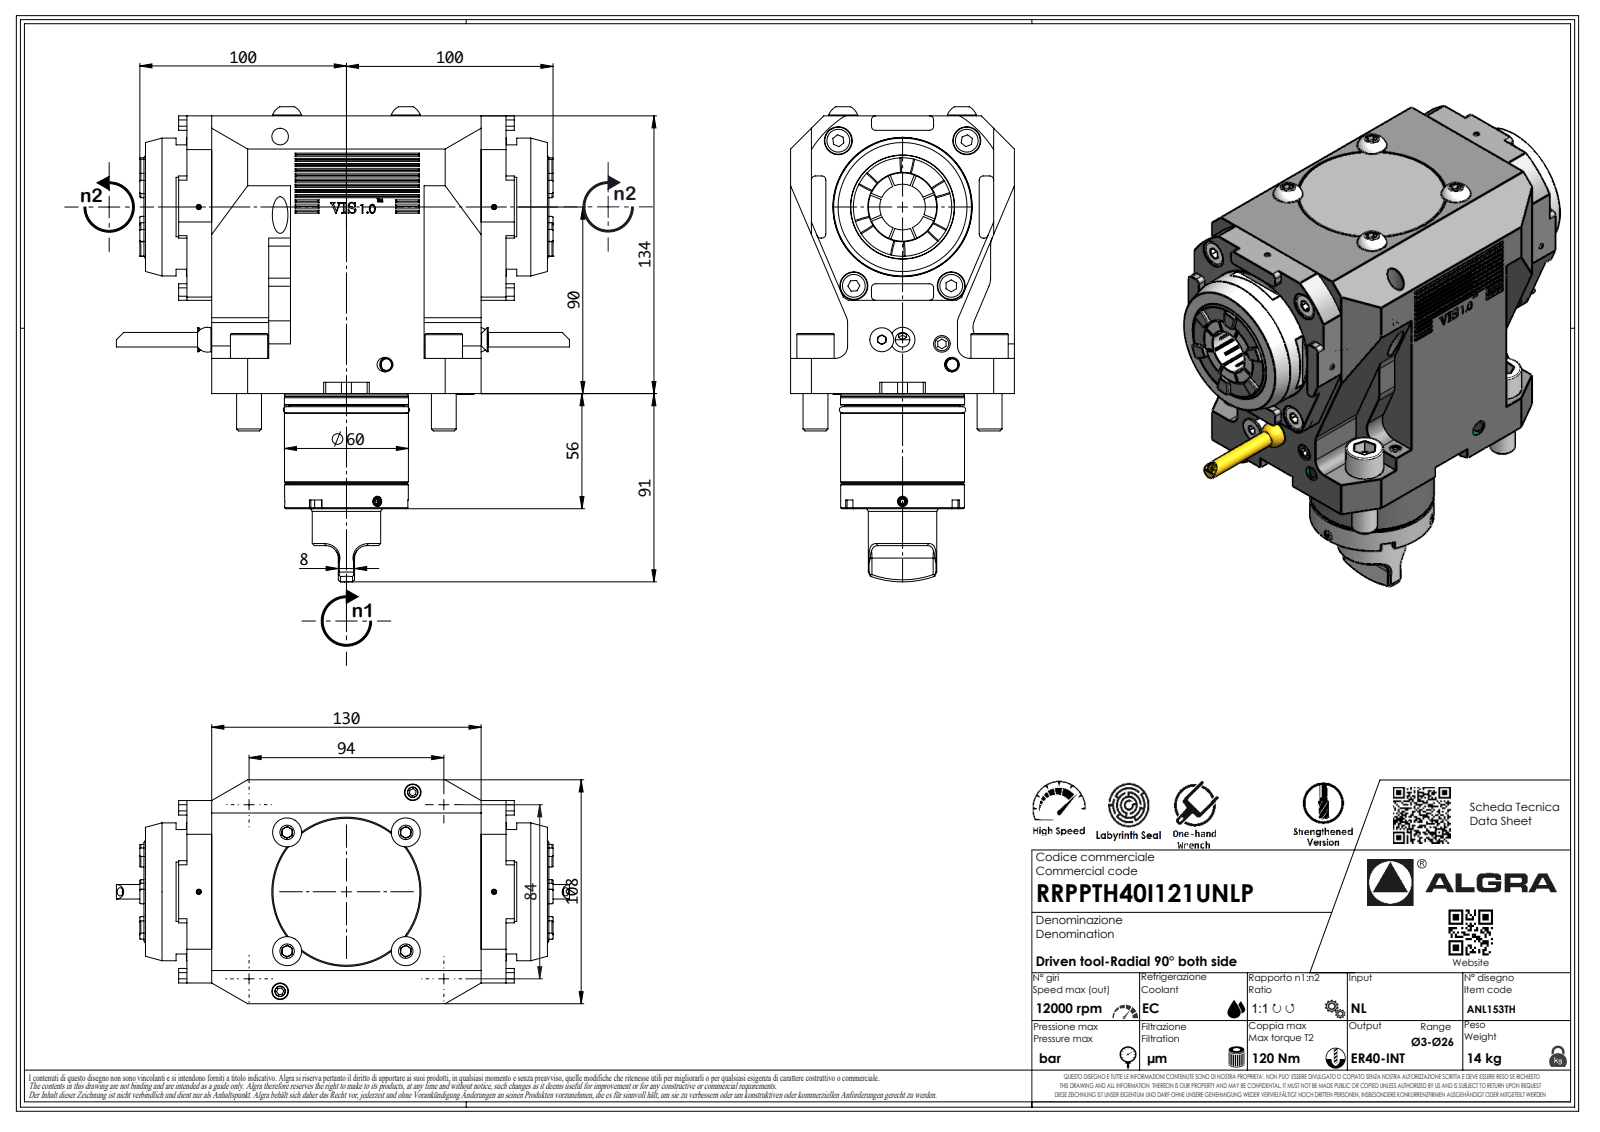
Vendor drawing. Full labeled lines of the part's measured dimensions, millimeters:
Part name (STEP PRODUCT): RRPPTH40I121UNLP
STEP written by: SolidWorks 2023 (AUTOMOTIVE_DESIGN)
Units: millimetres
Bodies: 1 solid, 1076 faces (708 planar, 176 cylindrical, 192 other)
Overall size (bounding box): 224.8 × 218.64 × 108
Volume: 2 140 000 mm³ · Surface area: 161 404 mm²
Round holes (diameter × count): ⌀6 ×4, ⌀7 ×3, ⌀4 ×2, ⌀2.1 ×1, ⌀55.2 ×1, ⌀59.2 ×1, ⌀63.2 ×1, ⌀67.2 ×1
Round bosses / shafts (diameter × count): ⌀18 ×4, ⌀12 ×4, ⌀67 ×1, ⌀66.5 ×1, ⌀63 ×1, ⌀59.9 ×1, ⌀59.8 ×1, ⌀59.7 ×1
Partial cylindrical surfaces — rounded edges, fillets, slot ends (radius × count): R0.2 ×21, R8 ×18, R2 ×16, R6 ×10, R0.33 ×7, R0.52 ×7, R3.7 ×7, R10 ×4
Main face-to-face distances: 108, 134, 12, 162, 32, 20, 174, 142, 39.5, 27.5
Hole centre spacings: 71.67, 77.77

+++

Each line above where the word "STEP" occurs should be returned in full.

Part name (STEP PRODUCT): RRPPTH40I121UNLP
STEP written by: SolidWorks 2023 (AUTOMOTIVE_DESIGN)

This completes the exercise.